**Assignment**
The full listing, excluding its pictures, should be printed exactly as it stands.
=== The input ===
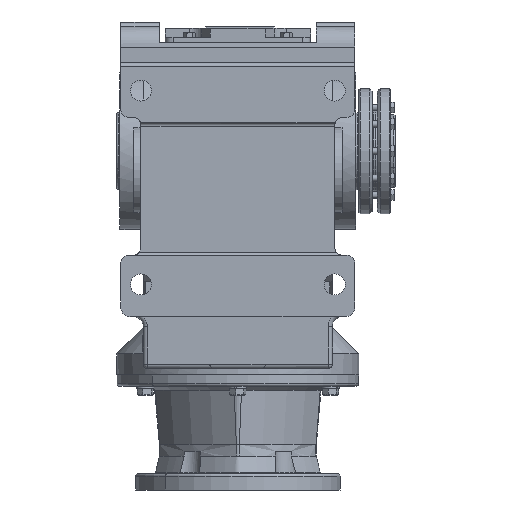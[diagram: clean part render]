
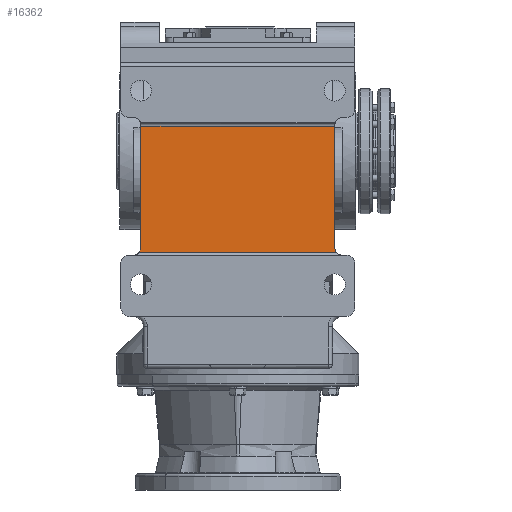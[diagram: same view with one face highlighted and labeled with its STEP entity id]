
A CAD part, front view. The second image highlights one B-rep face of the part: STEP entity #16362.
In plain terms, the highlighted planar face has unit normal (0, -1, 0).
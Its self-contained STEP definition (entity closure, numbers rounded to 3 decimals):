
#7354 = VECTOR ( 'NONE', #34282, 1000. ) ;
#7362 = LINE ( 'NONE', #34280, #7354 ) ;
#7526 = LINE ( 'NONE', #34481, #7548 ) ;
#7544 = LINE ( 'NONE', #34476, #7546 ) ;
#7545 = CIRCLE ( 'NONE', #28275, 10. ) ;
#7546 = VECTOR ( 'NONE', #34477, 1000. ) ;
#7548 = VECTOR ( 'NONE', #34485, 1000. ) ;
#7549 = CIRCLE ( 'NONE', #28276, 10. ) ;
#7550 = LINE ( 'NONE', #34486, #7552 ) ;
#7552 = VECTOR ( 'NONE', #34487, 1000. ) ;
#8880 = AXIS2_PLACEMENT_3D ( 'NONE', #21173, #21361, #21337 ) ;
#12134 = FACE_OUTER_BOUND ( 'NONE', #59157, .T. ) ;
#16362 = ADVANCED_FACE ( 'NONE', ( #12134 ), #21473, .T. ) ;
#21173 = CARTESIAN_POINT ( 'NONE',  ( -145., -260., 31. ) ) ;
#21337 = DIRECTION ( 'NONE',  ( 0., 0., -1. ) ) ;
#21361 = DIRECTION ( 'NONE',  ( 0., -1., 0. ) ) ;
#21473 = PLANE ( 'NONE',  #8880 ) ;
#28275 = AXIS2_PLACEMENT_3D ( 'NONE', #34488, #34489, #34490 ) ;
#28276 = AXIS2_PLACEMENT_3D ( 'NONE', #34492, #34493, #34494 ) ;
#34280 = CARTESIAN_POINT ( 'NONE',  ( -145., -260., -125. ) ) ;
#34282 = DIRECTION ( 'NONE',  ( 1., 0., 0. ) ) ;
#34476 = CARTESIAN_POINT ( 'NONE',  ( -145., -260., 31. ) ) ;
#34477 = DIRECTION ( 'NONE',  ( 1., 0., 0. ) ) ;
#34481 = CARTESIAN_POINT ( 'NONE',  ( -120., -260., -125. ) ) ;
#34485 = DIRECTION ( 'NONE',  ( 0., 0., 1. ) ) ;
#34486 = CARTESIAN_POINT ( 'NONE',  ( 120., -260., 31. ) ) ;
#34487 = DIRECTION ( 'NONE',  ( 0., 0., -1. ) ) ;
#34488 = CARTESIAN_POINT ( 'NONE',  ( -130., -260., -119. ) ) ;
#34489 = DIRECTION ( 'NONE',  ( 0., 1., 0. ) ) ;
#34490 = DIRECTION ( 'NONE',  ( 0., 0., -1. ) ) ;
#34492 = CARTESIAN_POINT ( 'NONE',  ( 130., -260., -119. ) ) ;
#34493 = DIRECTION ( 'NONE',  ( 0., 1., 0. ) ) ;
#34494 = DIRECTION ( 'NONE',  ( 0., 0., -1. ) ) ;
#39011 = EDGE_CURVE ( 'NONE', #50217, #50202, #7362, .T. ) ;
#39167 = EDGE_CURVE ( 'NONE', #50105, #50098, #7544, .T. ) ;
#39170 = EDGE_CURVE ( 'NONE', #50112, #50105, #7526, .T. ) ;
#39172 = EDGE_CURVE ( 'NONE', #50112, #50217, #7545, .T. ) ;
#39173 = EDGE_CURVE ( 'NONE', #50202, #50084, #7549, .T. ) ;
#39176 = EDGE_CURVE ( 'NONE', #50098, #50084, #7550, .T. ) ;
#44919 = ORIENTED_EDGE ( 'NONE', *, *, #39167, .F. ) ;
#44920 = ORIENTED_EDGE ( 'NONE', *, *, #39170, .F. ) ;
#44921 = ORIENTED_EDGE ( 'NONE', *, *, #39172, .T. ) ;
#44922 = ORIENTED_EDGE ( 'NONE', *, *, #39011, .T. ) ;
#44923 = ORIENTED_EDGE ( 'NONE', *, *, #39173, .T. ) ;
#44924 = ORIENTED_EDGE ( 'NONE', *, *, #39176, .F. ) ;
#48475 = CARTESIAN_POINT ( 'NONE',  ( 120., -260., -119. ) ) ;
#48507 = CARTESIAN_POINT ( 'NONE',  ( -120., -260., 31. ) ) ;
#48510 = CARTESIAN_POINT ( 'NONE',  ( 120., -260., 31. ) ) ;
#48520 = CARTESIAN_POINT ( 'NONE',  ( -120., -260., -119. ) ) ;
#48594 = CARTESIAN_POINT ( 'NONE',  ( 122., -260., -125. ) ) ;
#48605 = CARTESIAN_POINT ( 'NONE',  ( -122., -260., -125. ) ) ;
#50084 = VERTEX_POINT ( 'NONE', #48475 ) ;
#50098 = VERTEX_POINT ( 'NONE', #48510 ) ;
#50105 = VERTEX_POINT ( 'NONE', #48507 ) ;
#50112 = VERTEX_POINT ( 'NONE', #48520 ) ;
#50202 = VERTEX_POINT ( 'NONE', #48594 ) ;
#50217 = VERTEX_POINT ( 'NONE', #48605 ) ;
#59157 = EDGE_LOOP ( 'NONE', ( #44919, #44920, #44921, #44922, #44923, #44924 ) ) ;
===
**Answer**
[diagram: clean part render]
[diagram: same view with one face highlighted and labeled with its STEP entity id]
A CAD part, front view. The second image highlights one B-rep face of the part: STEP entity #16362.
In plain terms, the highlighted planar face has unit normal (0, -1, 0).
Its self-contained STEP definition (entity closure, numbers rounded to 3 decimals):
#7354 = VECTOR ( 'NONE', #34282, 1000. ) ;
#7362 = LINE ( 'NONE', #34280, #7354 ) ;
#7526 = LINE ( 'NONE', #34481, #7548 ) ;
#7544 = LINE ( 'NONE', #34476, #7546 ) ;
#7545 = CIRCLE ( 'NONE', #28275, 10. ) ;
#7546 = VECTOR ( 'NONE', #34477, 1000. ) ;
#7548 = VECTOR ( 'NONE', #34485, 1000. ) ;
#7549 = CIRCLE ( 'NONE', #28276, 10. ) ;
#7550 = LINE ( 'NONE', #34486, #7552 ) ;
#7552 = VECTOR ( 'NONE', #34487, 1000. ) ;
#8880 = AXIS2_PLACEMENT_3D ( 'NONE', #21173, #21361, #21337 ) ;
#12134 = FACE_OUTER_BOUND ( 'NONE', #59157, .T. ) ;
#16362 = ADVANCED_FACE ( 'NONE', ( #12134 ), #21473, .T. ) ;
#21173 = CARTESIAN_POINT ( 'NONE',  ( -145., -260., 31. ) ) ;
#21337 = DIRECTION ( 'NONE',  ( 0., 0., -1. ) ) ;
#21361 = DIRECTION ( 'NONE',  ( 0., -1., 0. ) ) ;
#21473 = PLANE ( 'NONE',  #8880 ) ;
#28275 = AXIS2_PLACEMENT_3D ( 'NONE', #34488, #34489, #34490 ) ;
#28276 = AXIS2_PLACEMENT_3D ( 'NONE', #34492, #34493, #34494 ) ;
#34280 = CARTESIAN_POINT ( 'NONE',  ( -145., -260., -125. ) ) ;
#34282 = DIRECTION ( 'NONE',  ( 1., 0., 0. ) ) ;
#34476 = CARTESIAN_POINT ( 'NONE',  ( -145., -260., 31. ) ) ;
#34477 = DIRECTION ( 'NONE',  ( 1., 0., 0. ) ) ;
#34481 = CARTESIAN_POINT ( 'NONE',  ( -120., -260., -125. ) ) ;
#34485 = DIRECTION ( 'NONE',  ( 0., 0., 1. ) ) ;
#34486 = CARTESIAN_POINT ( 'NONE',  ( 120., -260., 31. ) ) ;
#34487 = DIRECTION ( 'NONE',  ( 0., 0., -1. ) ) ;
#34488 = CARTESIAN_POINT ( 'NONE',  ( -130., -260., -119. ) ) ;
#34489 = DIRECTION ( 'NONE',  ( 0., 1., 0. ) ) ;
#34490 = DIRECTION ( 'NONE',  ( 0., 0., -1. ) ) ;
#34492 = CARTESIAN_POINT ( 'NONE',  ( 130., -260., -119. ) ) ;
#34493 = DIRECTION ( 'NONE',  ( 0., 1., 0. ) ) ;
#34494 = DIRECTION ( 'NONE',  ( 0., 0., -1. ) ) ;
#39011 = EDGE_CURVE ( 'NONE', #50217, #50202, #7362, .T. ) ;
#39167 = EDGE_CURVE ( 'NONE', #50105, #50098, #7544, .T. ) ;
#39170 = EDGE_CURVE ( 'NONE', #50112, #50105, #7526, .T. ) ;
#39172 = EDGE_CURVE ( 'NONE', #50112, #50217, #7545, .T. ) ;
#39173 = EDGE_CURVE ( 'NONE', #50202, #50084, #7549, .T. ) ;
#39176 = EDGE_CURVE ( 'NONE', #50098, #50084, #7550, .T. ) ;
#44919 = ORIENTED_EDGE ( 'NONE', *, *, #39167, .F. ) ;
#44920 = ORIENTED_EDGE ( 'NONE', *, *, #39170, .F. ) ;
#44921 = ORIENTED_EDGE ( 'NONE', *, *, #39172, .T. ) ;
#44922 = ORIENTED_EDGE ( 'NONE', *, *, #39011, .T. ) ;
#44923 = ORIENTED_EDGE ( 'NONE', *, *, #39173, .T. ) ;
#44924 = ORIENTED_EDGE ( 'NONE', *, *, #39176, .F. ) ;
#48475 = CARTESIAN_POINT ( 'NONE',  ( 120., -260., -119. ) ) ;
#48507 = CARTESIAN_POINT ( 'NONE',  ( -120., -260., 31. ) ) ;
#48510 = CARTESIAN_POINT ( 'NONE',  ( 120., -260., 31. ) ) ;
#48520 = CARTESIAN_POINT ( 'NONE',  ( -120., -260., -119. ) ) ;
#48594 = CARTESIAN_POINT ( 'NONE',  ( 122., -260., -125. ) ) ;
#48605 = CARTESIAN_POINT ( 'NONE',  ( -122., -260., -125. ) ) ;
#50084 = VERTEX_POINT ( 'NONE', #48475 ) ;
#50098 = VERTEX_POINT ( 'NONE', #48510 ) ;
#50105 = VERTEX_POINT ( 'NONE', #48507 ) ;
#50112 = VERTEX_POINT ( 'NONE', #48520 ) ;
#50202 = VERTEX_POINT ( 'NONE', #48594 ) ;
#50217 = VERTEX_POINT ( 'NONE', #48605 ) ;
#59157 = EDGE_LOOP ( 'NONE', ( #44919, #44920, #44921, #44922, #44923, #44924 ) ) ;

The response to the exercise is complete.